What you have to do:
Set down the entries below exactly, leaving out all images.

The data:

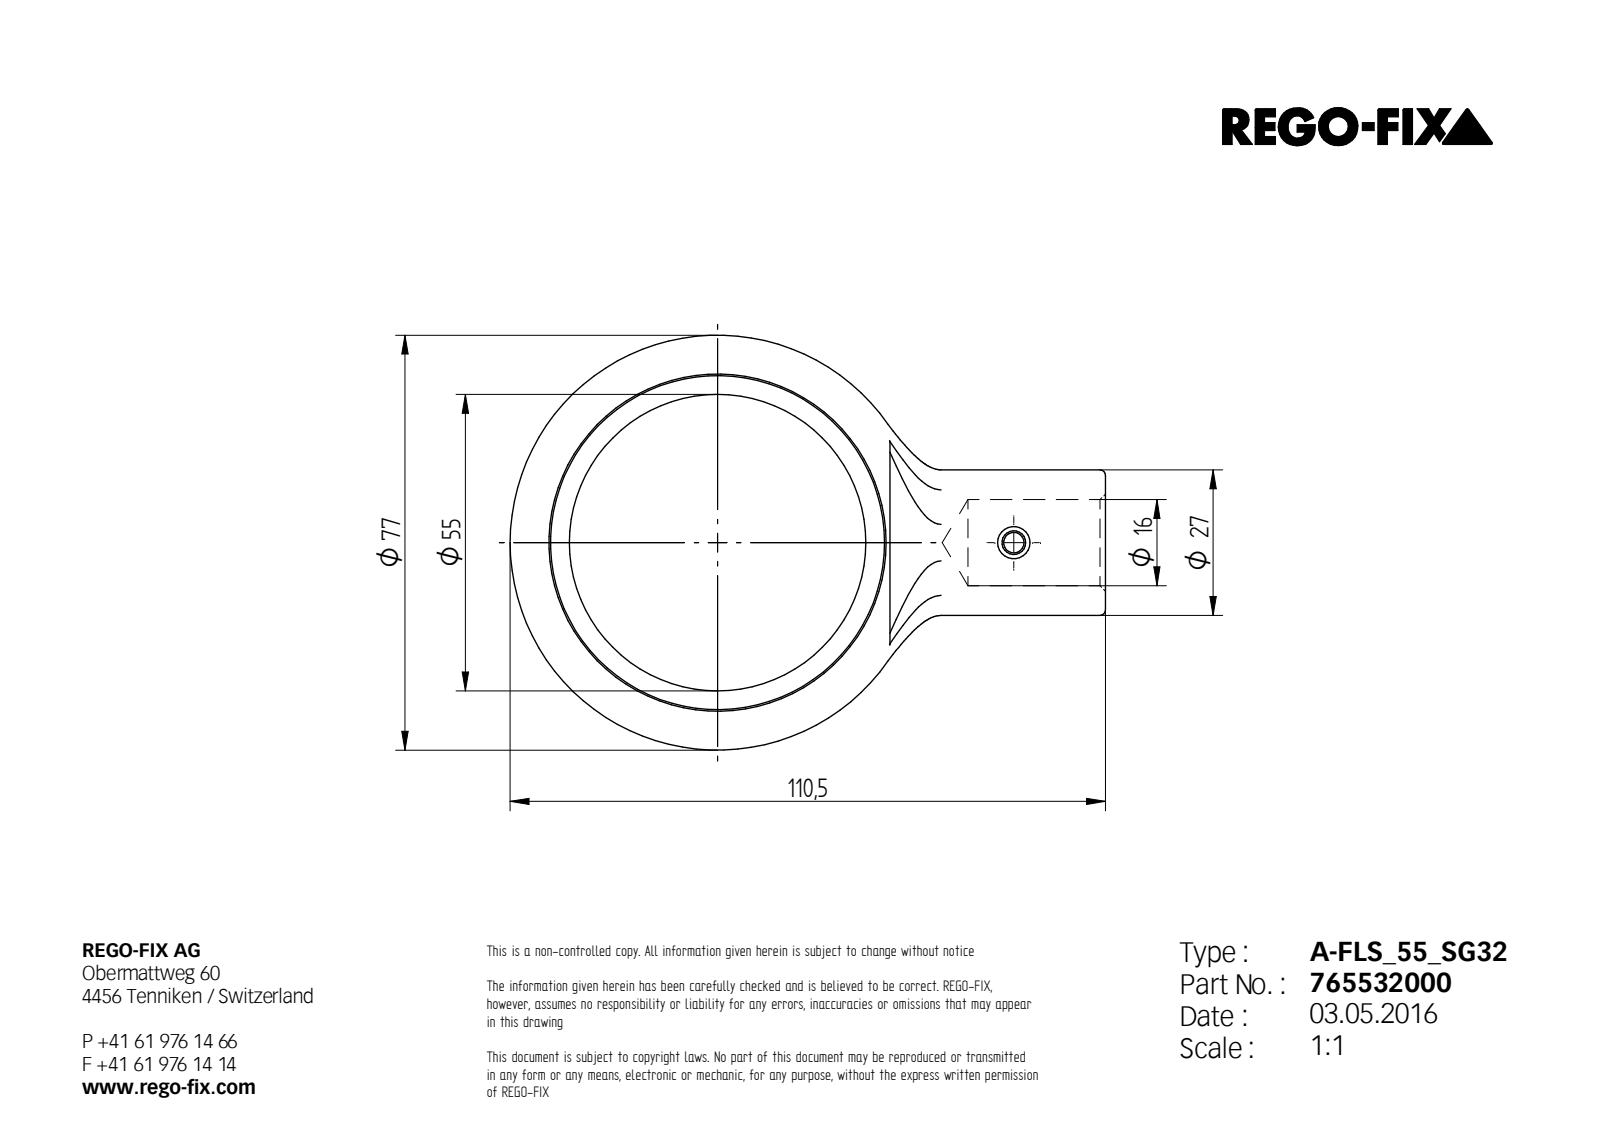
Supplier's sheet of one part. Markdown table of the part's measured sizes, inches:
| quantity | value |
| --- | --- |
| part name | 0005712; 0006879; 0006880; 0005710 |
| STEP written by | Unknown (AUTOMOTIVE_DESIGN) |
| units | inches |
| bodies | 4 solids, 123 faces (70 planar, 15 cylindrical, 38 other) |
| overall size | 4.35 × 3.031 × 1.161 |
| volume | 4.17 in³ |
| surface area | 43.43 in² |
| round holes (diameter × count) | 0.177 × 1, 0.217 × 1, 0.63 × 1, 2.165 × 1, 2.441 × 1 |
| round bosses / shafts (diameter × count) | 1.063 × 1, 0.205 × 1, 0.173 × 1, 0.138 × 1 |
| partial cylindrical surfaces (radius × count) | 0.157 × 1, 1.136 × 1, 1.148 × 1 |
| main face-to-face distances | 0.984, 0.138, 1.122, 0.039, 0.098, 1.118, 0.98, 0.059, 1.02, 1.024 |
| hole center spacings | 2.165 |
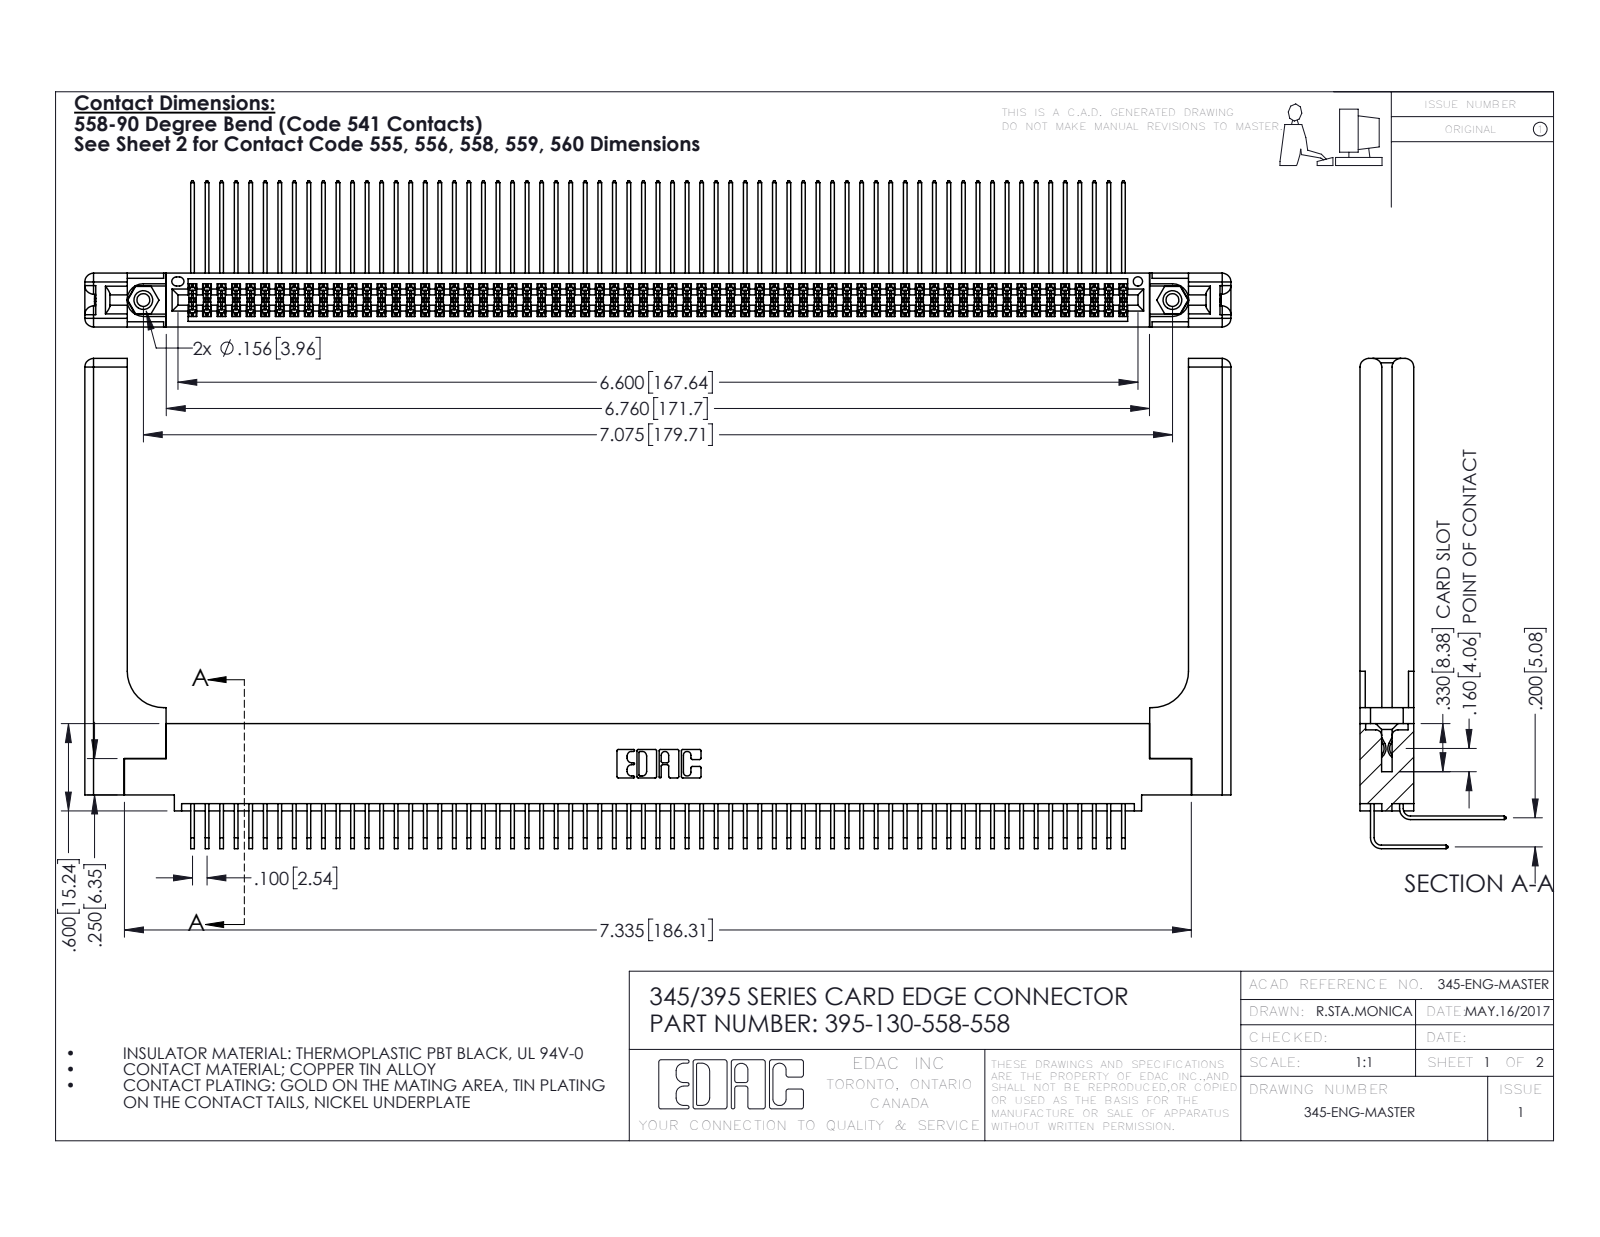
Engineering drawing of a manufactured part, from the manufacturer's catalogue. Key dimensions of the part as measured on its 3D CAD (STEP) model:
Part name (STEP PRODUCT): 395-130-558-558; 345-220-058_345-220-058; 345-292-001_558 Tail - 2; 345-250-001_345-250-001-102 (+2 more)
STEP written by: SolidWorks 2016 (CONFIG_CONTROL_DESIGN)
Units: inches
Bodies: 135 solids, 7146 faces (4782 planar, 2304 cylindrical, 60 other)
Overall size (bounding box): 7.879 × 3.369 × 1.005
Volume: 1.758 in³ · Surface area: 60.72 in²
Round holes (diameter × count): ⌀0.089 ×2, ⌀0.125 ×2, ⌀0.156 ×2, ⌀0.064 ×1
Round bosses / shafts (diameter × count): ⌀0.155 ×2
Partial cylindrical surfaces — rounded edges, fillets, slot ends (radius × count): R0.006 ×196, R0.01 ×22, R0.06 ×16, R0.007 ×6, R0.031 ×6, R0.026 ×3, R0.014 ×2, R0.019 ×2
Main face-to-face distances: 0.072, 0.298, 0.37, 0.2, 0.098, 0.272, 0.025, 0.225, 0.025, 0.148
Hole centre spacings: 0.27, 6.839, 7.075

Solution for this problem:
Supplier's sheet of one part. Markdown table of the part's measured sizes, inches:
| quantity | value |
| --- | --- |
| part name | 0005712; 0006879; 0006880; 0005710 |
| STEP written by | Unknown (AUTOMOTIVE_DESIGN) |
| units | inches |
| bodies | 4 solids, 123 faces (70 planar, 15 cylindrical, 38 other) |
| overall size | 4.35 × 3.031 × 1.161 |
| volume | 4.17 in³ |
| surface area | 43.43 in² |
| round holes (diameter × count) | 0.177 × 1, 0.217 × 1, 0.63 × 1, 2.165 × 1, 2.441 × 1 |
| round bosses / shafts (diameter × count) | 1.063 × 1, 0.205 × 1, 0.173 × 1, 0.138 × 1 |
| partial cylindrical surfaces (radius × count) | 0.157 × 1, 1.136 × 1, 1.148 × 1 |
| main face-to-face distances | 0.984, 0.138, 1.122, 0.039, 0.098, 1.118, 0.98, 0.059, 1.02, 1.024 |
| hole center spacings | 2.165 |
Engineering drawing of a manufactured part, from the manufacturer's catalogue. Key dimensions of the part as measured on its 3D CAD (STEP) model:
Part name (STEP PRODUCT): 395-130-558-558; 345-220-058_345-220-058; 345-292-001_558 Tail - 2; 345-250-001_345-250-001-102 (+2 more)
STEP written by: SolidWorks 2016 (CONFIG_CONTROL_DESIGN)
Units: inches
Bodies: 135 solids, 7146 faces (4782 planar, 2304 cylindrical, 60 other)
Overall size (bounding box): 7.879 × 3.369 × 1.005
Volume: 1.758 in³ · Surface area: 60.72 in²
Round holes (diameter × count): ⌀0.089 ×2, ⌀0.125 ×2, ⌀0.156 ×2, ⌀0.064 ×1
Round bosses / shafts (diameter × count): ⌀0.155 ×2
Partial cylindrical surfaces — rounded edges, fillets, slot ends (radius × count): R0.006 ×196, R0.01 ×22, R0.06 ×16, R0.007 ×6, R0.031 ×6, R0.026 ×3, R0.014 ×2, R0.019 ×2
Main face-to-face distances: 0.072, 0.298, 0.37, 0.2, 0.098, 0.272, 0.025, 0.225, 0.025, 0.148
Hole centre spacings: 0.27, 6.839, 7.075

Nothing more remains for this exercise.